Bulgarian Lieutenant Colonel

Andrei Atanasov Bucharestliev was a 19th and 20th century Bulgarian Lieutenant Colonel who was notable for his service in the Battle of Banjski Dol during the Serbo-Bulgarian War.

==Biography==
Andrei Bucharestliev was born in the village of Plevnya, Drama. Between 1873 and 1876 he studied at the class school in the village of Ilinden by prominent educator Atanas Poppetrov. He graduated from the Vasil Levski National Military University in Sofia with the first class in 1879 and enlisted in the Bulgarian Army. In 1885 he graduated from the shooting school in Moscow.

In Serbo-Bulgarian War, he commanded the militia in the Tsaribrod district, 4th Pleven Infantry Regiment and Dolnonevlyanskiya unit which conceals in the direction to Pirot-Sukovo-Vrabcha-Tran-Breznik. He took part in the battles of Malo Malovo and Banski Dol, both on November 2 and the Battle of Slivnitsa November 5–7. During the Battle of Pirot, the troops commanded by Captain Bucharestliev were in the reserve of the Main Detachment.

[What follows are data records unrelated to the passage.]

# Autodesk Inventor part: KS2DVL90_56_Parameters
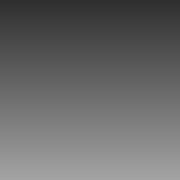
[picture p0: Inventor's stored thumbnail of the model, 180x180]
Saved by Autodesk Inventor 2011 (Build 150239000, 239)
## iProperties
Created: 2010-11
Document SubType Name: Modeling
Designer: TB
Density: 1 g/cm^3
Slaglengde: 100,000 mm
Vinkel_Minusport: 0.00 deg
Forlengelse_rør: 0.000 mm
Minusport2: 180.00 deg
Author: TB
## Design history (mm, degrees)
other parameters: "Slaglengde" = 100 [user parameter], "Forlengelse_rør" = 0 [user parameter], "Vinkel_Minusport" = 0 deg [user parameter], "Minusport2" = 180 deg [user parameter]
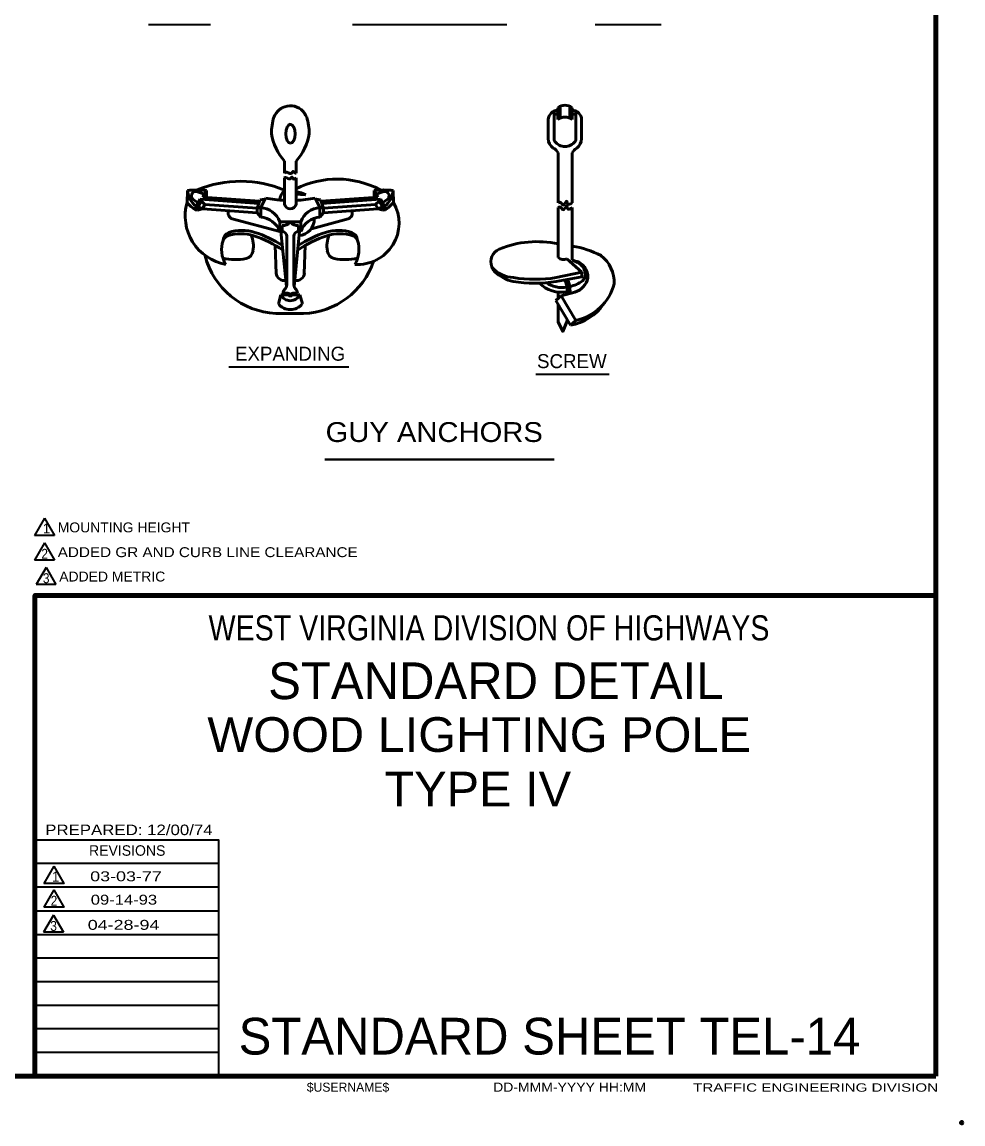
# Model space of a CAD drawing. Extents: x -34 to 821, y -14 to 530.
# Drawn here: x 593.8 to 821.5, y -13.8 to 252.8 of the extents above; entities that cross this region are included whole.
import ezdxf
from ezdxf.enums import TextEntityAlignment as Align

# ---------------------------------------------------------------- set-up
doc = ezdxf.new("R2010")
doc.units = 0
doc.header["$LTSCALE"] = 1.2
doc.header["$PDMODE"] = 32
doc.header["$PDSIZE"] = 0.6
doc.layers.add('1', color=7, linetype='Continuous', lineweight=53)
doc.layers.add('61', color=7, linetype='Continuous', lineweight=35)

msp = doc.modelspace()

# ---------------------------------------------------------------- linework, layer by layer
at = {"layer": '1', "lineweight": 158}
for q in [(814.88, 523.876), (814.88, 114.076), (23.28, -2.224)]:
    msp.add_line((814.88, -2.224), q, dxfattribs=at)
at = {"layer": '1', "lineweight": 13}
for p, q in [((814.88, -2.224), (814.88, 523.876)), ((723.474, 185.953), (723.474, 185.737))]:
    msp.add_line(p, q, dxfattribs=at)
at = {"layer": '1', "lineweight": 35}
for p, q in [((624.356, 252.214), (639.38, 252.214)), ((673.772, 252.214), (711.091, 252.214)), ((732.5, 252.214), (748.436, 252.214)), ((643.829, 169.376), (672.858, 169.376)), ((718.089, 167.576), (735.866, 167.576)), ((599.197, 132.752), (596.797, 128.595)), ((599.197, 132.752), (601.597, 128.595)), ((601.597, 128.595), (596.797, 128.595)), ((599.197, 126.756), (596.797, 122.599)), ((599.197, 126.756), (601.597, 122.599)), ((601.597, 122.599), (596.797, 122.599)), ((599.566, 120.857), (597.166, 116.7)), ((599.566, 120.857), (601.966, 116.7)), ((601.966, 116.7), (597.166, 116.7)), ((641.38, 49.176), (596.88, 49.176)), ((601.475, 48.54), (599.075, 44.383)), ((641.38, 43.476), (596.88, 43.476)), ((601.456, 42.798), (599.056, 38.641)), ((641.38, 37.676), (596.88, 37.676)), ((601.359, 36.71), (598.959, 32.553)), ((601.359, 36.71), (603.759, 32.553)), ((603.759, 32.553), (598.959, 32.553)), ((641.38, 31.976), (596.88, 31.976)), ((641.38, 26.276), (596.88, 26.276)), ((641.38, 20.576), (596.88, 20.576)), ((641.38, 14.876), (596.88, 14.876)), ((641.38, 9.176), (596.88, 9.176)), ((641.38, 3.476), (596.88, 3.476))]:
    msp.add_line(p, q, dxfattribs=at)
at = {"layer": '1'}
for p, q in [((723.426, 232.081), (723.426, 229.201)), ((724.002, 232.417), (724.002, 229.537)), ((726.306, 232.417), (726.306, 229.537)), ((726.882, 232.081), (726.882, 229.201)), ((722.514, 231.289), (722.514, 224.497)), ((727.818, 231.289), (727.818, 224.473)), ((721.122, 229.201), (721.122, 224.593)), ((729.186, 229.201), (729.186, 224.593)), ((657.282, 219.145), (657.282, 216.265)), ((660.09, 219.145), (660.09, 216.265)), ((723.474, 221.161), (723.474, 209.065)), ((726.93, 221.161), (726.93, 209.065)), ((657.282, 215.113), (657.282, 208.777)), ((660.09, 215.113), (660.09, 208.777)), ((633.81, 212.065), (633.714, 209.185)), ((637.938, 211.153), (636.018, 211.825)), ((638.418, 212.065), (637.53, 210.433)), ((637.938, 211.153), (637.938, 210.409)), ((638.418, 212.065), (638.418, 210.361)), ((678.954, 212.065), (679.842, 210.457)), ((678.954, 212.065), (678.954, 210.385)), ((679.434, 211.153), (681.354, 211.825)), ((679.434, 211.153), (679.434, 210.409)), ((683.562, 212.065), (683.658, 209.185)), ((636.378, 209.041), (635.202, 209.881)), ((636.882, 209.953), (635.898, 208.153)), ((635.898, 208.153), (636.474, 208.177)), ((637.458, 207.577), (636.474, 208.177)), ((651.042, 208.945), (636.882, 209.953)), ((637.194, 209.473), (637.194, 209.929)), ((638.034, 208.681), (637.194, 209.473)), ((638.034, 208.681), (637.458, 207.577)), ((651.234, 209.473), (637.53, 210.433)), ((650.658, 207.793), (638.034, 208.681)), ((652.53, 209.929), (651.402, 209.761)), ((652.674, 210.217), (651.522, 207.913)), ((664.698, 210.217), (665.85, 207.913)), ((664.842, 209.929), (665.97, 209.761)), ((666.138, 209.497), (679.842, 210.457)), ((666.33, 208.945), (680.49, 209.953)), ((666.714, 207.793), (679.338, 208.681)), ((679.338, 208.681), (680.178, 209.473)), ((679.338, 208.681), (679.914, 207.577)), ((679.914, 207.577), (680.898, 208.177)), ((680.178, 209.473), (680.178, 209.929)), ((680.49, 209.953), (681.474, 208.153)), ((681.474, 208.153), (680.898, 208.177)), ((680.994, 209.041), (682.17, 209.881)), ((637.458, 207.577), (636.33, 207.313)), ((650.658, 206.641), (637.458, 207.577)), ((651.522, 207.913), (650.658, 207.793)), ((651.522, 207.913), (651.522, 205.609)), ((665.85, 207.913), (665.85, 205.609)), ((665.85, 207.913), (666.714, 207.793)), ((666.714, 206.641), (679.914, 207.577)), ((679.914, 207.577), (681.042, 207.313)), ((723.474, 207.913), (723.474, 195.817)), ((726.93, 207.913), (726.93, 195.217)), ((656.13, 202.105), (644.658, 205.201)), ((656.13, 204.457), (661.242, 204.457)), ((656.13, 204.457), (656.13, 202.105)), ((656.706, 203.593), (656.706, 202.153)), ((660.666, 203.593), (660.666, 202.153)), ((661.242, 204.457), (661.242, 202.153)), ((663.786, 202.801), (672.69, 205.201)), ((656.13, 202.153), (656.706, 202.153)), ((656.418, 202.153), (657.762, 188.833)), ((657.858, 201.001), (657.858, 189.481)), ((659.514, 201.001), (659.514, 189.481)), ((660.954, 202.153), (659.61, 188.833)), ((660.666, 202.153), (661.242, 202.153)), ((655.29, 191.881), (655.05, 198.793)), ((662.082, 191.881), (662.322, 198.793)), ((725.61, 195.553), (729.258, 192.289)), ((729.258, 192.289), (723.042, 190.969)), ((725.85, 190.537), (726.354, 188.881)), ((656.394, 186.817), (655.794, 184.609)), ((656.394, 186.817), (658.122, 186.817)), ((656.946, 187.201), (658.098, 187.201)), ((660.402, 187.201), (659.25, 187.201)), ((661.002, 186.817), (659.274, 186.817)), ((661.002, 186.817), (661.602, 184.609)), ((723.474, 187.489), (723.474, 185.881)), ((727.554, 187.441), (724.218, 186.553)), ((726.354, 188.881), (726.45, 187.153)), ((724.218, 186.553), (722.922, 185.401)), ((722.922, 185.401), (726.498, 179.473)), ((724.218, 186.553), (727.77, 180.625)), ((655.17, 182.281), (661.914, 182.281)), ((727.77, 180.625), (726.498, 179.473))]:
    msp.add_line(p, q, dxfattribs=at)
at = {"layer": '1', "lineweight": 40}
msp.add_line((667.007, 146.921), (722.513, 146.921), dxfattribs=at)
at = {"layer": '1'}
for points in [[(635.898, 208.153), (635.754, 207.409), (636.33, 207.313)], [(637.194, 209.473), (636.474, 208.177), (636.33, 207.313)], [(651.402, 209.761), (650.658, 207.793), (650.658, 206.641), (651.522, 205.609)], [(665.97, 209.761), (666.714, 207.793), (666.714, 206.641), (665.85, 205.609)], [(680.178, 209.473), (680.898, 208.177), (681.042, 207.313)], [(681.474, 208.153), (681.618, 207.409), (681.042, 207.313)], [(729.258, 192.289), (729.258, 191.137), (723.018, 190.033)], [(725.178, 190.321), (725.682, 188.665), (725.778, 186.937)], [(723.474, 184.489), (723.474, 180.265), (724.626, 177.961), (725.778, 180.649)]]:
    msp.add_lwpolyline(points, dxfattribs=at)
at = {"layer": '1', "lineweight": 158}
msp.add_lwpolyline([(596.88, -2.224), (596.88, 114.076), (814.88, 114.076)], dxfattribs=at)
at = {"layer": '1', "lineweight": 35}
for points in [[(641.38, -2.224), (641.38, 54.876), (596.88, 54.876)], [(601.475, 48.54), (603.875, 44.383), (599.075, 44.383)], [(601.456, 42.798), (603.856, 38.641), (599.056, 38.641)]]:
    msp.add_lwpolyline(points, dxfattribs=at)
at = {"layer": '1'}
for centre, radius, start, end in [((658.553, 228.245), 4.221, 114.18463, 126.44768), ((658.718, 228.342), 4.205, 51.67793, 116.77606), ((725.163, 229.847), 2.826, 52.29201, 127.70799), ((667.677, 225.854), 13.56, 163.03649, 180.34718), ((659.741, 227.532), 5.526, 131.96494, 155.64508), ((657.631, 227.532), 5.526, 24.35492, 48.03506), ((649.695, 225.854), 13.56, 359.65283, 16.96351), ((723.537, 229.099), 2.409, 92.45547, 177.54453), ((723.396, 229.361), 1.282, 88.28293, 133.52461), ((725.163, 226.967), 2.826, 52.29201, 127.70799), ((726.787, 229.099), 2.409, 2.45547, 87.54453), ((726.928, 229.361), 1.282, 46.47539, 91.71707), ((667.395, 228.053), 13.473, 189.74744, 221.3725), ((649.976, 228.053), 13.473, 318.6275, 350.25256), ((723.965, 224.616), 2.835, 180.43177, 234.62969), ((723.371, 224.475), 0.859, 179.14798, 220.24311), ((726.949, 224.47), 0.859, 319.75689, 0.85202), ((726.359, 224.616), 2.835, 305.37031, 359.56823), ((721.322, 220.15), 2.375, 24.94304, 65.05696), ((725.162, 225.758), 3.06, 216.91814, 322.98043), ((729.015, 220.292), 2.254, 116.76572, 157.56298), ((646.647, 186.688), 27.599, 67.32753, 112.30219), ((669.989, 192.427), 22.38, 62.24214, 116.49544), ((639.464, 212.566), 5.674, 185.18056, 230.94579), ((636.118, 190.105), 22.07, 84.00757, 95.99243), ((635.815, 210.763), 1.075, 78.96142, 235.46809), ((659.26, 209.463), 3.174, 128.46984, 175.06692), ((656.113, 197.66), 14.729, 64.65247, 74.23543), ((660.567, 199.914), 11.211, 80.48984, 92.29918), ((681.254, 190.105), 22.07, 84.00757, 95.99243), ((681.523, 210.749), 1.083, 306.45493, 99.11556), ((677.907, 212.566), 5.674, 309.05421, 354.81944), ((645.157, 205.897), 11.904, 164.01359, 259.79898), ((639.179, 213.429), 6.926, 217.89069, 240.44911), ((659.957, 249.745), 40.189, 259.56289, 266.18708), ((658.686, 209.062), 1.429, 191.39485, 348.60515), ((657.414, 249.745), 40.189, 273.81292, 280.43711), ((674.993, 204.168), 10.008, 266.16365, 30.02378), ((678.193, 213.429), 6.926, 299.55089, 322.10931), ((645.125, 206.595), 1.482, 158.99371, 251.37679), ((651.145, 202.61), 5.319, 20.35078, 85.90942), ((651.145, 200.306), 5.319, 20.35078, 85.90942), ((666.226, 202.61), 5.319, 94.09058, 159.64922), ((666.226, 200.306), 5.319, 94.09058, 159.64922), ((672.214, 206.595), 1.482, 288.62321, 21.00629), ((656.963, 205.91), 2.327, 263.73433, 317.75599), ((660.409, 205.91), 2.327, 222.24401, 276.26567), ((660.53, 205.098), 3.962, 273.98395, 2.60406), ((649.253, 197.804), 7.185, 162.29086, 210.27517), ((644.828, 199.711), 2.435, 115.12547, 173.42944), ((644.616, 198.872), 2.474, 116.11742, 153.15373), ((646.695, 191.239), 10.351, 72.17801, 107.82199), ((646.962, 191.064), 11.304, 73.72458, 106.27542), ((643.764, 198.619), 6.01, 348.82631, 26.25382), ((641.469, 175.233), 27.189, 55.49077, 72.01683), ((641.469, 175.233), 28.053, 56.96697, 72.01675), ((656.556, 200.852), 1.313, 6.66371, 83.33629), ((660.815, 200.852), 1.313, 96.66371, 173.33629), ((675.903, 175.233), 27.189, 107.98317, 124.50923), ((675.903, 175.233), 28.053, 107.98325, 123.03303), ((670.41, 191.064), 11.304, 73.72458, 106.27542), ((670.676, 191.239), 10.351, 72.17801, 107.82199), ((673.546, 198.619), 6.01, 153.74618, 191.17369), ((672.544, 199.711), 2.435, 6.57056, 64.87453), ((672.755, 198.872), 2.474, 26.84627, 63.88258), ((668.118, 197.804), 7.185, 329.72483, 17.70914), ((647.557, 197.666), 2.114, 282.14771, 354.26068), ((669.753, 197.666), 2.114, 185.73932, 257.85229), ((710.554, 194.786), 3.334, 112.56326, 201.22601), ((718.358, 175.972), 23.702, 77.48956, 112.53539), ((722.98, 174.809), 24.114, 63.12438, 80.5666), ((656.147, 200.912), 18.657, 194.44102, 266.97322), ((645.372, 207.745), 12.427, 256.06592, 282.21618), ((661.163, 200.912), 18.657, 272.30306, 341.28411), ((671.938, 207.745), 12.427, 257.78382, 283.93408), ((724.722, 197.189), 1.86, 227.92906, 298.55891), ((724.57, 188.608), 7.023, 47.97836, 70.34854), ((727.203, 192.037), 2.996, 60.03867, 86.11071), ((728.951, 189.861), 8.108, 357.06801, 53.01462), ((657.247, 192.242), 1.991, 186.64556, 280.42286), ((660.125, 192.242), 1.991, 259.57714, 353.35444), ((766.452, 221.176), 65.141, 205.06602, 205.618), ((713.129, 198.528), 7.58, 221.76894, 266.63849), ((710.672, 194.66), 3.382, 205.89722, 222.96556), ((713.914, 198.182), 8.163, 225.54603, 243.17205), ((726.452, 190.962), 4.304, 37.20204, 58.52155), ((727.015, 191.735), 3.076, 345.49101, 42.81927), ((726.414, 191), 4.312, 358.21611, 36.4931), ((655.419, 189.573), 2.443, 329.93461, 357.90459), ((661.952, 189.573), 2.443, 182.09541, 210.06539), ((713.669, 196.645), 6.697, 239.10628, 261.18034), ((717.826, 223.468), 33.84, 261.18821, 278.81179), ((717.868, 224.403), 33.84, 261.18821, 278.81179), ((724.488, 195.538), 8.122, 226.52134, 278.94966), ((724.488, 195.538), 6.97, 235.85618, 279.93742), ((724.469, 196.831), 8.25, 282.93456, 306.7285), ((726.112, 191.962), 4.74, 287.7219, 346.62294), ((725.306, 192.509), 12.135, 281.74498, 345.38421), ((727.87, 192.042), 2.381, 310.05064, 333.08561), ((658.693, 187.951), 2.563, 205.98923, 334.01077), ((658.4, 187.196), 1.442, 126.91323, 179.95667), ((657.98, 186.491), 0.718, 10.44919, 79.5508), ((657.987, 186.121), 0.718, 10.44919, 79.5508), ((659.392, 186.491), 0.718, 100.4492, 169.55081), ((659.399, 186.121), 0.718, 100.4492, 169.55081), ((658.972, 187.196), 1.442, 0.04333, 53.08677), ((658.693, 186.959), 3.737, 219.10281, 320.89719), ((724.448, 191.494), 12.195, 279.6497, 325.48694)]:
    msp.add_arc(centre, radius, start, end, dxfattribs=at)
msp.add_ellipse((658.725, 225.772), major_axis=(0, -2.304), ratio=0.5, dxfattribs=at)
for points in [[(657.282, 216.265), (657.714, 216.505), (658.194, 216.361), (658.986, 216.241), (659.37, 216.697), (659.826, 216.265), (660.09, 216.265)], [(657.282, 215.113), (657.522, 215.185), (658.65, 214.873), (659.13, 215.305), (659.394, 214.873), (660.09, 215.113)], [(723.474, 209.065), (724.098, 209.185), (724.674, 208.537), (725.61, 209.449), (725.802, 208.801), (726.93, 209.065)], [(723.474, 207.913), (724.098, 208.033), (724.674, 207.385), (725.61, 208.297), (725.802, 207.649), (726.93, 207.913)]]:
    msp.add_spline(points, degree=3, dxfattribs=at)
msp.add_point((821.18, -13.524), dxfattribs=at)
at = {"layer": '61', "lineweight": 53}
for q in [(662.18, -2.224), (662.18, -2.224), (662.18, -2.224), (662.48, -2.224), (662.48, -2.224)]:
    msp.add_line((814.88, -2.224), q, dxfattribs=at)

# ---------------------------------------------------------------- texts
at = {"layer": '1'}
for s, height, p in [('EXPANDING', 3.387, (658.639, 170.864)), ('SCREW', 3.387, (726.824, 169.064)), ('STANDARD DETAIL', 8.881, (708.43, 88.976))]:
    msp.add_text(s, height=height, dxfattribs=at).set_placement(p, align=Align.CENTER)
for s, height, width, p in [('GUY ANCHORS', 4.8, 1.1, (667.232, 151.198)), ('MOUNTING HEIGHT', 2.4, 1.05, (602.402, 129.33)), ('2', 2.4, 0.9, (598.433, 122.936)), ('ADDED GR AND CURB LINE CLEARANCE', 2.4, 1.15, (602.402, 123.334)), ('3', 2.4, 0.9, (598.802, 117.037)), ('ADDED METRIC', 2.4, 1.05, (602.77, 117.436)), ('PREPARED: 12/00/74', 2.537, 1.2, (599.38, 56.076)), ('2', 2.4, 0.9, (600.692, 38.978)), ('3', 2.4, 0.9, (600.595, 32.89)), ('DD-MMM-YYYY HH:MM', 2.2, 1.15, (707.779, -6.024)), ('TRAFFIC ENGINEERING DIVISION', 2.031, 1.35, (756.18, -6.024))]:
    msp.add_text(s, height=height, dxfattribs=dict(at, width=width)).set_placement(p)
for s, height, p in [('1', 2.4, (598.797, 129.084)), ('REVISIONS', 2.537, (609.98, 51.076)), ('1', 2.4, (601.007, 44.826)), ('STANDARD SHEET TEL-14', 8.881, (646.18, 2.976)), ('$USERNAME$', 2.2, (662.68, -6.024))]:
    msp.add_text(s, height=height, dxfattribs=at).set_placement(p)
for s, height, width, p in [('WEST VIRGINIA DIVISION OF HIGHWAYS', 6.089, 0.85, (706.779, 103.176)), ('WOOD LIGHTING POLE', 8.391, 1.05, (704.385, 76.21)), ('TYPE IV', 8.391, 1.05, (704.055, 63.019)), ('03-03-77', 2.4, 1.35, (618.924, 44.907)), ('09-14-93', 2.4, 1.25, (618.426, 39.239)), ('04-28-94', 2.4, 1.35, (618.338, 33.151))]:
    msp.add_text(s, height=height, dxfattribs=dict(at, width=width)).set_placement(p, align=Align.CENTER)

doc.saveas('drawing.dxf')

After the war, Bucharestliev served in the Vasil Levski National Military University and in 1889 he was dismissed from the army as a district military chief in Burgas. He worked as a public figure and merchant in Plovdiv.

He took part in the First Balkan War, the Second Balkan War and the First World War, after which he was fired in 1920.

Andrei Bukureshtliev is the brother of the composer Angel Bukoreshtliev and the Botev Chetnik Sava Bukureshtliev, the father of the lawyer Atanas Bukureshtliev and the pianist Dora Bukoreshtlieva and the grandfather of the pianist Andrey Bukureshtliev.